══ Dataset records ══
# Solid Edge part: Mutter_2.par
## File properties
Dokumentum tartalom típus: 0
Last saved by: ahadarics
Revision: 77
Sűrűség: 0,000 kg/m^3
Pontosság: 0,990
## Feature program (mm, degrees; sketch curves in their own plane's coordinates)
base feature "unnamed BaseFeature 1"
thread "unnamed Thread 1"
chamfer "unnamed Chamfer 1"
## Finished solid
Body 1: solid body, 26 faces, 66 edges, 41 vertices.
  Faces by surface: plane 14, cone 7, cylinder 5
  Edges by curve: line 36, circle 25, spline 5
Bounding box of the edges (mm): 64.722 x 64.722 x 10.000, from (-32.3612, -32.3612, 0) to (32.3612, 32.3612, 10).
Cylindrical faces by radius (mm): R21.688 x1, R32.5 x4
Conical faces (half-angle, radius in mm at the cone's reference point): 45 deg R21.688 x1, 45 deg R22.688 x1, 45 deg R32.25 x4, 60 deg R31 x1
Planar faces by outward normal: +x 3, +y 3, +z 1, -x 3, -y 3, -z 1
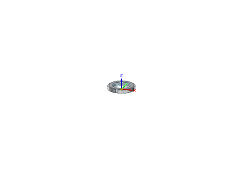
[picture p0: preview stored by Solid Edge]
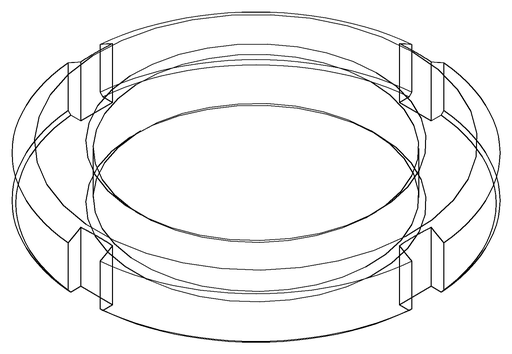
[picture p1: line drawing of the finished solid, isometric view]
═══
[Try it] Only the text of the records belongs in the answer, printed exactly and without pictures.

[Task response]
# Solid Edge part: Mutter_2.par
## File properties
Dokumentum tartalom típus: 0
Last saved by: ahadarics
Revision: 77
Sűrűség: 0,000 kg/m^3
Pontosság: 0,990
## Feature program (mm, degrees; sketch curves in their own plane's coordinates)
base feature "unnamed BaseFeature 1"
thread "unnamed Thread 1"
chamfer "unnamed Chamfer 1"
## Finished solid
Body 1: solid body, 26 faces, 66 edges, 41 vertices.
  Faces by surface: plane 14, cone 7, cylinder 5
  Edges by curve: line 36, circle 25, spline 5
Bounding box of the edges (mm): 64.722 x 64.722 x 10.000, from (-32.3612, -32.3612, 0) to (32.3612, 32.3612, 10).
Cylindrical faces by radius (mm): R21.688 x1, R32.5 x4
Conical faces (half-angle, radius in mm at the cone's reference point): 45 deg R21.688 x1, 45 deg R22.688 x1, 45 deg R32.25 x4, 60 deg R31 x1
Planar faces by outward normal: +x 3, +y 3, +z 1, -x 3, -y 3, -z 1
[picture p0: preview stored by Solid Edge]
[picture p1: line drawing of the finished solid, isometric view]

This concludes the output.